• [TO DO]: Can you write out every line from the start of the records below through the line containing "from ifc_helpers import", leaving out any pictures?

• [DATA TO PROCESS]:
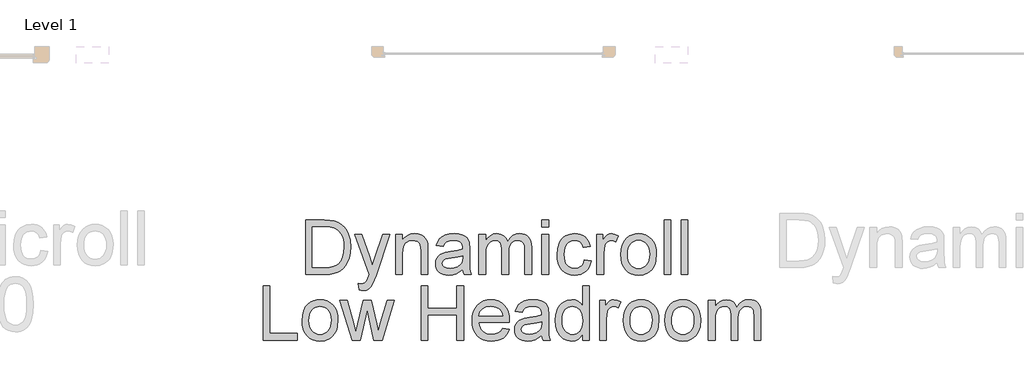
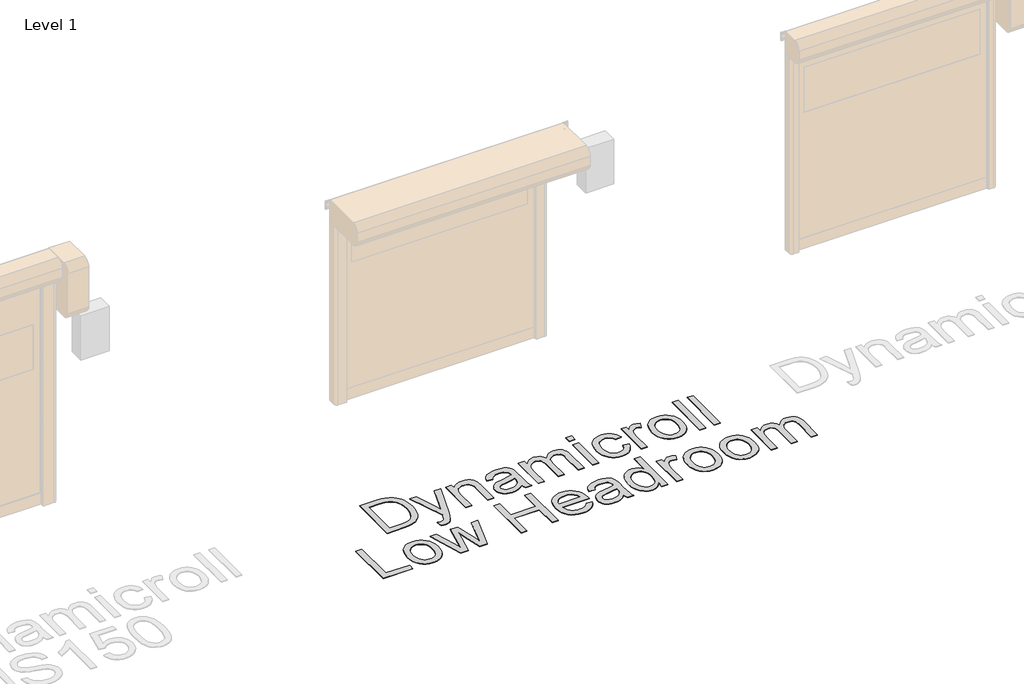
# One storey, part 10 of 20: 1 proxy.
"""IFC4 building model written with IfcOpenShell, lengths in millimetres."""

from ifc_helpers import new_model, si_unit, origin, origin_with_axes, place, context, project, spatial, polyline, outline, extrude, element, save

model = new_model("IFC4")

# Units and contexts
model_context = context("Model", 3, world=origin())
ifc_project = project(units=[si_unit("LENGTHUNIT", "METRE", prefix="MILLI")], contexts=[model_context])

# Site, building, storey
site = spatial("IfcSite", under=ifc_project)
building = spatial("IfcBuilding", under=site)
storey = spatial("IfcBuildingStorey", under=building, Name="Level 1", Elevation=0.0)

# Proxy
placement = place(None, origin())
element("IfcBuildingElementProxy", 1, Name="500mm", ObjectType="500mm", at=placement, inside=storey, context=model_context, shape_type="SweptSolid", body=[
    extrude(outline(polyline([(15153.8603048, 19116.7358376), (15153.8603048, 19619.0173884), (15327.1327245, 19619.0173884), (15378.9121153, 19617.2086352), (15416.773304, 19611.7823758), (15456.8111278, 19597.8335168), (15490.5949577, 19575.8525676), (15509.2113195, 19557.8876635), (15525.3291494, 19537.5928401), (15538.9484474, 19514.9680974), (15550.0692136, 19490.0134354), (15564.8764639, 19434.0340585), (15569.812214, 19370.5744143), (15566.4706192, 19316.6643736), (15556.4458348, 19269.2229246), (15541.178732, 19228.8325473), (15522.1101819, 19196.0757213), (15500.1598896, 19170.2166827), (15476.2475599, 19150.5196675), (15448.794366, 19135.9116866), (15416.221481, 19125.3197509), (15378.4675912, 19118.8818159), (15335.4713831, 19116.7358376), (15153.8603048, 19116.7358376)]), holes=[polyline([(15216.6454986, 19179.5210315), (15327.7458612, 19179.5210315), (15373.7004537, 19181.7896371), (15408.5572728, 19188.595454), (15434.8608354, 19199.5399434), (15455.1556588, 19214.2245664), (15476.9679955, 19241.4018488), (15493.3540727, 19276.5805645), (15503.6087833, 19319.9139979), (15507.0270201, 19371.555433), (15505.3523906, 19408.0064073), (15500.3285022, 19439.9814841), (15491.9553547, 19467.4806632), (15480.2329482, 19490.5039447), (15466.1116445, 19509.5724948), (15450.5418055, 19525.2074796), (15433.5234311, 19537.4088991), (15415.0565214, 19546.1767533), (15378.9427722, 19553.7183342), (15326.0290785, 19556.2321945), (15216.6454986, 19556.2321945), (15216.6454986, 19179.5210315)])]), origin_with_axes(), (0.0, 0.0, 1.0), 5.0),
    extrude(outline(polyline([(15648.2937063, 18975.4691515), (15640.4455571, 19035.924426), (15672.3286633, 19030.4061961), (15689.0979509, 19032.1383072), (15702.1271049, 19037.3346404), (15712.2745166, 19045.6273137), (15720.3985773, 19056.6484451), (15737.5664038, 19102.8789492), (15742.4714971, 19118.0847383), (15609.0529601, 19485.5988515), (15675.2717193, 19485.5988515), (15746.0276897, 19280.8112075), (15770.6757834, 19198.8961499), (15795.323877, 19271.2462756), (15868.0418847, 19485.5988515), (15933.7701346, 19485.5988515), (15805.3793182, 19107.9066698), (15772.024684, 19025.9916122), (15754.9488281, 18999.8413337), (15735.6043665, 18981.7231454), (15713.1329079, 18971.1465381), (15686.6760611, 18967.6210023), (15668.4965592, 18969.5830396), (15648.2937063, 18975.4691515)])), origin_with_axes(), (0.0, 0.0, 1.0), 5.0),
    extrude(outline(polyline([(15985.7641232, 19116.7358376), (15985.7641232, 19485.5988515), (16048.549317, 19485.5988515), (16048.549317, 19434.0953721), (16070.3616537, 19460.0617096), (16096.5579174, 19478.6090936), (16127.1381083, 19489.7375239), (16162.1022262, 19493.4470007), (16193.0502991, 19490.4579595), (16221.3925411, 19481.4908359), (16245.0289593, 19467.6646042), (16261.8595606, 19450.0982389), (16273.2792309, 19428.8377253), (16280.682856, 19403.9290485), (16283.993794, 19343.2285193), (16283.993794, 19116.7358376), (16221.2086001, 19116.7358376), (16221.2086001, 19334.7672335), (16219.399847, 19367.2328195), (16213.9735875, 19390.3174147), (16203.9641316, 19406.8567761), (16188.4057889, 19419.6866607), (16168.4635191, 19427.9180203), (16145.3022818, 19430.6618069), (16126.2375638, 19429.121301), (16108.5294107, 19424.4997834), (16092.1778224, 19416.7972542), (16077.182799, 19406.0137132), (16064.6556506, 19390.9228872), (16055.7076875, 19370.2985028), (16050.3389097, 19344.1405601), (16048.549317, 19312.4490591), (16048.549317, 19116.7358376), (15985.7641232, 19116.7358376)])), origin_with_axes(), (0.0, 0.0, 1.0), 5.0),
    extrude(outline(polyline([(16605.7679124, 19163.824733), (16575.7702014, 19138.1036502), (16544.8834422, 19121.2730489), (16512.4025277, 19111.9840285), (16477.6223508, 19108.8876884), (16449.6671512, 19110.750091), (16425.1531812, 19116.3372988), (16404.0804407, 19125.6493118), (16386.4489296, 19138.68613), (16372.5268954, 19154.6200189), (16362.5825852, 19172.6232441), (16356.6159991, 19192.6958054), (16354.627137, 19214.837703), (16357.6315067, 19240.8653542), (16366.6446155, 19264.5017724), (16380.5474893, 19284.7352821), (16398.2211535, 19300.5542079), (16418.9911578, 19312.5103727), (16442.1830519, 19321.1555996), (16496.5069598, 19330.5979042), (16560.702368, 19340.530718), (16605.4000304, 19352.1803146), (16605.7679124, 19366.1598304), (16601.445299, 19394.1801757), (16588.4774586, 19412.5129618), (16575.4023194, 19420.4530815), (16559.4760947, 19426.1245956), (16519.0703889, 19430.6618069), (16481.6690527, 19427.6421088), (16455.549431, 19418.5830147), (16437.7378111, 19401.8290555), (16425.2604801, 19375.7247622), (16362.4752863, 19383.5729115), (16373.3737904, 19417.9085644), (16389.6372402, 19444.8865773), (16412.7831491, 19465.5186259), (16444.3290302, 19480.8163855), (16482.9106544, 19490.2893469), (16527.1637928, 19493.4470007), (16569.608178, 19490.6572289), (16603.2540521, 19482.2879135), (16628.6225814, 19469.7032836), (16646.2349319, 19454.2675682), (16657.9151852, 19435.1836897), (16665.487423, 19411.6545704), (16668.5531063, 19356.7175258), (16668.5531063, 19278.6039155), (16671.7414169, 19169.526904), (16676.4625691, 19142.5642194), (16684.2494047, 19116.7358376), (16621.4642109, 19116.7358376), (16611.4087697, 19138.5635027), (16605.7679124, 19163.824733)]), holes=[polyline([(16605.7679124, 19289.3951207), (16563.5841103, 19278.9411407), (16504.4777364, 19270.1426296), (16450.4603968, 19259.9645611), (16436.4042389, 19253.00546), (16425.9962441, 19243.4098713), (16419.5583092, 19231.913559), (16417.4123309, 19219.252287), (16422.0874979, 19200.5822757), (16436.112999, 19185.2845161), (16459.1822657, 19175.0757907), (16490.9887299, 19171.6728823), (16524.7112461, 19175.4283443), (16554.5096877, 19186.6947304), (16578.6672721, 19203.2954054), (16595.4672165, 19223.0537342), (16602.9168269, 19243.4098713), (16605.4000304, 19271.6141576), (16605.7679124, 19289.3951207)])]), origin_with_axes(), (0.0, 0.0, 1.0), 5.0),
    extrude(outline(polyline([(16754.8827478, 19116.7358376), (16754.8827478, 19485.5988515), (16817.6679416, 19485.5988515), (16817.6679416, 19424.8983223), (16836.5525507, 19452.7807118), (16860.8327624, 19474.6237053), (16889.6808422, 19488.7411768), (16922.2690556, 19493.4470007), (16957.1871883, 19488.6492064), (16985.1768768, 19474.2558233), (17006.0848368, 19451.2172133), (17019.7577843, 19420.4837383), (17042.6431101, 19452.4051656), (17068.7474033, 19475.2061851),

• [REPLY TO THE TASK]:
# One storey, part 10 of 20: 1 proxy.
"""IFC4 building model written with IfcOpenShell, lengths in millimetres."""

from ifc_helpers import new_model, si_unit, origin, origin_with_axes, place, context, project, spatial, polyline, outline, extrude, element, save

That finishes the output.